Citrix Just Suffered a Massive Data Breach. Here’s How to Protect Your Company from Similar Attacks

On March 8, Citrix Systems Inc., a global technology provider known for its virtualization solutions, disclosed that the company was investigating unauthorized access to its internal network. The company said in a public note that it came to know of the intrusion on March 6, after being notified by the Federal Bureau of Investigation. News of the breach resulted in the immediate loss of hundreds of millions of dollars in shareholder value. In the wake of the incident, Citrix will undoubtedly face costly investigations, remediation work and legal fees.

Early reports have attributed the Citrix breach to state-affiliated cyber criminals linked to Iran. According to reports, the company was attacked first in December 2018 and again last Monday, with six to ten terabytes of data stolen, including confidential internal business documents. The hackers obtained access through a password spray attack, an automated attack pattern in which every conceivable password is attempted until access is obtained. In addition, the hackers used tailored tools to bypass multi-factor authentication for critical applications and services for further unauthorized access to Citrix’s virtual private network (VPN) and single sign-on (SSO) resources.

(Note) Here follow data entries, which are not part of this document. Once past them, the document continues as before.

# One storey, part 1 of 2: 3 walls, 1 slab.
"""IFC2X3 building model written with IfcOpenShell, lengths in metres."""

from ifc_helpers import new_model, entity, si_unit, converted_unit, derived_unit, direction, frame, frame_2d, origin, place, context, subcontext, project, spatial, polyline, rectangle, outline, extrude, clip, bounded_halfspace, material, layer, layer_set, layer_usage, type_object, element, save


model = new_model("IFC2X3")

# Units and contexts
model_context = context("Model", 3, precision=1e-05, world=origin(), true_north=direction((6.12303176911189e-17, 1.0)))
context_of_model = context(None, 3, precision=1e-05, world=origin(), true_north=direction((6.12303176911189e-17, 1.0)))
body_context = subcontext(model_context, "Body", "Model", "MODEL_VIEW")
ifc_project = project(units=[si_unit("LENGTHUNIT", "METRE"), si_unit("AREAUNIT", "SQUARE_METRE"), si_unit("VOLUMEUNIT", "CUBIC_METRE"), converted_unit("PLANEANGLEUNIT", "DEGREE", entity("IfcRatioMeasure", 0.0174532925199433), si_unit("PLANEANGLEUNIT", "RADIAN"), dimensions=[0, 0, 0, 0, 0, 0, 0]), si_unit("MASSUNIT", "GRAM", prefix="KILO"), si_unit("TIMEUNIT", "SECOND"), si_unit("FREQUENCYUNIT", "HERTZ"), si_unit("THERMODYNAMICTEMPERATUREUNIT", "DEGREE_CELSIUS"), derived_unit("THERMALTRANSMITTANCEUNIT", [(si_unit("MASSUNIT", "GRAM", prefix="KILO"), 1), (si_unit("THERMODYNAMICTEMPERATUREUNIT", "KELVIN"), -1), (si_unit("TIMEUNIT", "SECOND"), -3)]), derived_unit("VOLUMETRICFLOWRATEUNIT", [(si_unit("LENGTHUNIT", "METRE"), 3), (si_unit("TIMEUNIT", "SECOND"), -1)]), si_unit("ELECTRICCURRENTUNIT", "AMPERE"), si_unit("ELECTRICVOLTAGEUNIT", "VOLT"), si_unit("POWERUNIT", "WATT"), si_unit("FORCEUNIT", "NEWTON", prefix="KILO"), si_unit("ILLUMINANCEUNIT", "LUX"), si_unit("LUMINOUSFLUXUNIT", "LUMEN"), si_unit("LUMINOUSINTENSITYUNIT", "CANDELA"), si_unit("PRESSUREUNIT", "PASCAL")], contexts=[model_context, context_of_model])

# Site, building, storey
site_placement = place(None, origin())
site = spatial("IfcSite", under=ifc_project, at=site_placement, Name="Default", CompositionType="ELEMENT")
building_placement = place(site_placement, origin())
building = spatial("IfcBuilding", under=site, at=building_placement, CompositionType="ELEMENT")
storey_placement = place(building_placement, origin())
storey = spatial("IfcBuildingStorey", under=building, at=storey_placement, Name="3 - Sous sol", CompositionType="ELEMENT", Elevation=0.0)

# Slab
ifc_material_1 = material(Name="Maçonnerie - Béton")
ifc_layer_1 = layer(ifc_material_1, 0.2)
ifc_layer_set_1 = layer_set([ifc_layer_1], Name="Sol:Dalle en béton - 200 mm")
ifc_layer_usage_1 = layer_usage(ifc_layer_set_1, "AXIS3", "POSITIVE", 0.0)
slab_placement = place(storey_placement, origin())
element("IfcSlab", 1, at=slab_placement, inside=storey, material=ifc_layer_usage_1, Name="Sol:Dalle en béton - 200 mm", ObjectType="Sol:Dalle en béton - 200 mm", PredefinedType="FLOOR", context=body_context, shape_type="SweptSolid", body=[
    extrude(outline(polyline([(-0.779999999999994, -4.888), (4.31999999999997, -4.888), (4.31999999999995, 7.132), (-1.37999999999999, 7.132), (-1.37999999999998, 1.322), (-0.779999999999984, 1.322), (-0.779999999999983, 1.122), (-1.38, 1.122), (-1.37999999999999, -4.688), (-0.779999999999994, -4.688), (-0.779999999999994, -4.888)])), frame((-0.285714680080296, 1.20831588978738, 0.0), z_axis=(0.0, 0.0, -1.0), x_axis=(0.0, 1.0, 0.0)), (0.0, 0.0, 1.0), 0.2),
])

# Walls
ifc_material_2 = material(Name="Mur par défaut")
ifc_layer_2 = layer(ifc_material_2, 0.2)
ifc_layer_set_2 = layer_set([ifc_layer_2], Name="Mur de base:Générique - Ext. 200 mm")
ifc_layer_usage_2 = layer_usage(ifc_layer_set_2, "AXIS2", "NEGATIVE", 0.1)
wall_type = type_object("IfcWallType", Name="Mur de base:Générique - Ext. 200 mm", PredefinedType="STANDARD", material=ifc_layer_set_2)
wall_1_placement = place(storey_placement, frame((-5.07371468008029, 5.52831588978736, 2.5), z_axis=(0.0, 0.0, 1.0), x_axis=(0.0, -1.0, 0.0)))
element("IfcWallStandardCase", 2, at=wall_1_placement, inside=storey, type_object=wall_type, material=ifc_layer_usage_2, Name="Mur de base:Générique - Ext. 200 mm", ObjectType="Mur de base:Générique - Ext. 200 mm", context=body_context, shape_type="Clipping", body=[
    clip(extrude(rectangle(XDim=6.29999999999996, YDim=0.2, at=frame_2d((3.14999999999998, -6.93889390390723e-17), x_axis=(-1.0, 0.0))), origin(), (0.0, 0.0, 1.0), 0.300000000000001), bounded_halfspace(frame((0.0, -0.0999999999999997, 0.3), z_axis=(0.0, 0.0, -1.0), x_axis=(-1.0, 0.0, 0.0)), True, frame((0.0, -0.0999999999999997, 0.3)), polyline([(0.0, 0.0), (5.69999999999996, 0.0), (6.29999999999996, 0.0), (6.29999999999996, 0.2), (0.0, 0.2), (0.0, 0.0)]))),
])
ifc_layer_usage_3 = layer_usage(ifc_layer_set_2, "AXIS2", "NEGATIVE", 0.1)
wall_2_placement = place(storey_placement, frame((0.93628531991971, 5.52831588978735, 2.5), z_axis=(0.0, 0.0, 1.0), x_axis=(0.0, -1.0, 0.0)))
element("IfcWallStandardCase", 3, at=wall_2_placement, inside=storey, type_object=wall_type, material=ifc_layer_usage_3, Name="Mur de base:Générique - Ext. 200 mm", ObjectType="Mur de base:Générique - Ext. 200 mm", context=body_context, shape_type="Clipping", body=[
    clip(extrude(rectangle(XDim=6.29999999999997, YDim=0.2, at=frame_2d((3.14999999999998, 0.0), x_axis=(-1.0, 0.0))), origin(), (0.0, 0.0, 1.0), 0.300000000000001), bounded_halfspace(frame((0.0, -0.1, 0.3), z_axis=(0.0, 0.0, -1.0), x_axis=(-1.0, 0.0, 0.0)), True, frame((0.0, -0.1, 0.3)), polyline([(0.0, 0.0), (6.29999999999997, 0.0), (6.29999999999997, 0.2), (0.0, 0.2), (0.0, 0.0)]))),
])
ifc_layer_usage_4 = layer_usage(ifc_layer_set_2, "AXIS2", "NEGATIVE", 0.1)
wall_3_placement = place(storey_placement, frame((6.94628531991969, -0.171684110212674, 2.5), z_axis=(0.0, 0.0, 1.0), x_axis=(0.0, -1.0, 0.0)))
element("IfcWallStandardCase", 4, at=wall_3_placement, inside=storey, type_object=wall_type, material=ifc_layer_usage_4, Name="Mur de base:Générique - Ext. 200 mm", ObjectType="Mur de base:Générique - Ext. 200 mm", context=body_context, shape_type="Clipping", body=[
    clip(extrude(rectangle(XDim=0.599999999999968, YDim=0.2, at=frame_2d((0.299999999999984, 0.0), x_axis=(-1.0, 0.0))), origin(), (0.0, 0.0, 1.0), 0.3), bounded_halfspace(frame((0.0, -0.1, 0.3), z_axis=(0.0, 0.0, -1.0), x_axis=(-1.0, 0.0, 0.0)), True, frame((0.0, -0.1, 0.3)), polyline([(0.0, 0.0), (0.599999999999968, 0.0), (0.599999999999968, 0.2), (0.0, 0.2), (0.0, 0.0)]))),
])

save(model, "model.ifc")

A combination of factors contributed to the Citrix breach, which, in our opinion, could have been avoided altogether had the company’s network segmentation, data loss prevention (DLP), password policies, and intrusion prevention and detection (IDS/IPS) systems been more effective. Citrix, as a sophisticated multinational technology group, likely had many of these controls in place, but the company appears to not have properly validated the efficacy of these controls, as many businesses fail to. Companies large and small will continue to suffer similar breaches until they adopt a more proactive stance toward the protection of sensitive information.

Business and technology leaders seeking to protect their company should focus on implementing layered defenses, such as DLP, IDS/IPS, password policies and network segmentation, if these controls are not already in place. More mature enterprises should consider undertaking comprehensive infrastructure testing to assess and improve the security of their perimeter or demilitarized zone (DMZ). Layered defenses such as IDS/IPS systems, firewalls and gateways, should be assessed to ensure complete coverage of enterprise and customer-facing applications. Password policies should be scrutinized and revised as necessary to ensure that they would remain effective against a password spray attack. Additionally, because implementing controls alone is insufficient, DLP systems and rules should be regularly reviewed and tested to ensure their continued efficacy. Enterprise cloud solutions, including services provided by companies such as Microsoft (e.g. Office 365) and Amazon (e.g. Amazon Web Services), are also susceptible to password spray attacks and should be hardened using products such as cloud access security brokers (CASB). Wherever possible, companies should leverage SSO, even for internal applications, in order to simplify and centralize password policies and enforce granular authorization.

Most companies would also benefit from an independent assessment of their information security program’s maturity to identify areas of weakness, prioritize cybersecurity spend and chart a course for improvement where necessary. Independent assessment by an expert may identify gaps internal teams have overlooked.

The breach at Citrix underscores the risk that even the largest enterprises face in the cybersecurity domain. Companies large and small should use this breach as a reminder that cybersecurity is not a one-time effort, but rather a continual business risk factor and area of focus, which must be prioritized at the technical, management and board-level.